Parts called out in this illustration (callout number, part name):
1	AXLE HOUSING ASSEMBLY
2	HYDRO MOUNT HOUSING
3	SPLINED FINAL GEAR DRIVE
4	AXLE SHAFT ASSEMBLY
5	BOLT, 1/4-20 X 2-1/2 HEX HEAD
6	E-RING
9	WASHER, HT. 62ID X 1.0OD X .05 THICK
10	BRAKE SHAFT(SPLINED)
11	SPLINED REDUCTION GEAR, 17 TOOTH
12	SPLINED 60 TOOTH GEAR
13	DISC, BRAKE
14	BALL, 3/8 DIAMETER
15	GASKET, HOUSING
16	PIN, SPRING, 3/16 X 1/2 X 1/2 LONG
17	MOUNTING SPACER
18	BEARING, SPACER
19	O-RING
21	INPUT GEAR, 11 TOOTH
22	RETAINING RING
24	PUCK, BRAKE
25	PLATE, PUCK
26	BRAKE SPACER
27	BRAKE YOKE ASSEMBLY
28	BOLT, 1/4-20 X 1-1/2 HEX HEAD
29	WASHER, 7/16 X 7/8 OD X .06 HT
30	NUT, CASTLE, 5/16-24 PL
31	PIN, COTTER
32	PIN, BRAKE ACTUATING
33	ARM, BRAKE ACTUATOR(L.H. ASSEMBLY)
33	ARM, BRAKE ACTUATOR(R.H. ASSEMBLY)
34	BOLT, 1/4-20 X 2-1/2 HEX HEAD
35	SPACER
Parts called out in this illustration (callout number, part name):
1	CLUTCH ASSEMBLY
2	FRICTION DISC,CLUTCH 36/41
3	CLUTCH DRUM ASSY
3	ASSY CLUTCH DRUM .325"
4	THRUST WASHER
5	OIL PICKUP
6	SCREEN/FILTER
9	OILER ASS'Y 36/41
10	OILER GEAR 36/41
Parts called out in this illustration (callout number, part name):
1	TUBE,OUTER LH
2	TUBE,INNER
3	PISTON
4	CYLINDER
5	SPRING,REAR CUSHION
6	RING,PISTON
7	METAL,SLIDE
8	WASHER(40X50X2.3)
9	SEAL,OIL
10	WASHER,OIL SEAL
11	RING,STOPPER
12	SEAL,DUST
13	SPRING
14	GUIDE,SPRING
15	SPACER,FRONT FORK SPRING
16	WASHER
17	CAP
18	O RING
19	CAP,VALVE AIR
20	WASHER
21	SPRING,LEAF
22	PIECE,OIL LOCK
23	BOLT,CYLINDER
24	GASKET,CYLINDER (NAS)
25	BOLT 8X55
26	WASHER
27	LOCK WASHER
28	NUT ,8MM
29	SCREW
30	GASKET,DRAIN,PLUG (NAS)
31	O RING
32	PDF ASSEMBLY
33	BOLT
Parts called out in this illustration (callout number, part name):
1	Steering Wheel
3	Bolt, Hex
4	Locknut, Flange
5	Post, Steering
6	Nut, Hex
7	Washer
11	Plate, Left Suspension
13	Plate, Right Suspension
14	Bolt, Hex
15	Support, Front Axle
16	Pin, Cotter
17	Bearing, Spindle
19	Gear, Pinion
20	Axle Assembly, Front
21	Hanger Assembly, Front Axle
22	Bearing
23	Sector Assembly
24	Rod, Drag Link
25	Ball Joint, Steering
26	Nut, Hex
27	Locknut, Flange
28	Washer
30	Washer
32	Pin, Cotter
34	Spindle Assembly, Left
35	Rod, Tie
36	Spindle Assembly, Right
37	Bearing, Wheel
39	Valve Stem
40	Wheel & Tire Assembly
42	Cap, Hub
□ □ □ □ □ □ □
◆ **To do**
A word-for-word transcription of all the data is needed.

◆ **Your response**
Parts called out in this illustration (callout number, part name):
1	AXLE HOUSING ASSEMBLY
2	HYDRO MOUNT HOUSING
3	SPLINED FINAL GEAR DRIVE
4	AXLE SHAFT ASSEMBLY
5	BOLT, 1/4-20 X 2-1/2 HEX HEAD
6	E-RING
9	WASHER, HT. 62ID X 1.0OD X .05 THICK
10	BRAKE SHAFT(SPLINED)
11	SPLINED REDUCTION GEAR, 17 TOOTH
12	SPLINED 60 TOOTH GEAR
13	DISC, BRAKE
14	BALL, 3/8 DIAMETER
15	GASKET, HOUSING
16	PIN, SPRING, 3/16 X 1/2 X 1/2 LONG
17	MOUNTING SPACER
18	BEARING, SPACER
19	O-RING
21	INPUT GEAR, 11 TOOTH
22	RETAINING RING
24	PUCK, BRAKE
25	PLATE, PUCK
26	BRAKE SPACER
27	BRAKE YOKE ASSEMBLY
28	BOLT, 1/4-20 X 1-1/2 HEX HEAD
29	WASHER, 7/16 X 7/8 OD X .06 HT
30	NUT, CASTLE, 5/16-24 PL
31	PIN, COTTER
32	PIN, BRAKE ACTUATING
33	ARM, BRAKE ACTUATOR(L.H. ASSEMBLY)
33	ARM, BRAKE ACTUATOR(R.H. ASSEMBLY)
34	BOLT, 1/4-20 X 2-1/2 HEX HEAD
35	SPACER
Parts called out in this illustration (callout number, part name):
1	CLUTCH ASSEMBLY
2	FRICTION DISC,CLUTCH 36/41
3	CLUTCH DRUM ASSY
3	ASSY CLUTCH DRUM .325"
4	THRUST WASHER
5	OIL PICKUP
6	SCREEN/FILTER
9	OILER ASS'Y 36/41
10	OILER GEAR 36/41
Parts called out in this illustration (callout number, part name):
1	TUBE,OUTER LH
2	TUBE,INNER
3	PISTON
4	CYLINDER
5	SPRING,REAR CUSHION
6	RING,PISTON
7	METAL,SLIDE
8	WASHER(40X50X2.3)
9	SEAL,OIL
10	WASHER,OIL SEAL
11	RING,STOPPER
12	SEAL,DUST
13	SPRING
14	GUIDE,SPRING
15	SPACER,FRONT FORK SPRING
16	WASHER
17	CAP
18	O RING
19	CAP,VALVE AIR
20	WASHER
21	SPRING,LEAF
22	PIECE,OIL LOCK
23	BOLT,CYLINDER
24	GASKET,CYLINDER (NAS)
25	BOLT 8X55
26	WASHER
27	LOCK WASHER
28	NUT ,8MM
29	SCREW
30	GASKET,DRAIN,PLUG (NAS)
31	O RING
32	PDF ASSEMBLY
33	BOLT
Parts called out in this illustration (callout number, part name):
1	Steering Wheel
3	Bolt, Hex
4	Locknut, Flange
5	Post, Steering
6	Nut, Hex
7	Washer
11	Plate, Left Suspension
13	Plate, Right Suspension
14	Bolt, Hex
15	Support, Front Axle
16	Pin, Cotter
17	Bearing, Spindle
19	Gear, Pinion
20	Axle Assembly, Front
21	Hanger Assembly, Front Axle
22	Bearing
23	Sector Assembly
24	Rod, Drag Link
25	Ball Joint, Steering
26	Nut, Hex
27	Locknut, Flange
28	Washer
30	Washer
32	Pin, Cotter
34	Spindle Assembly, Left
35	Rod, Tie
36	Spindle Assembly, Right
37	Bearing, Wheel
39	Valve Stem
40	Wheel & Tire Assembly
42	Cap, Hub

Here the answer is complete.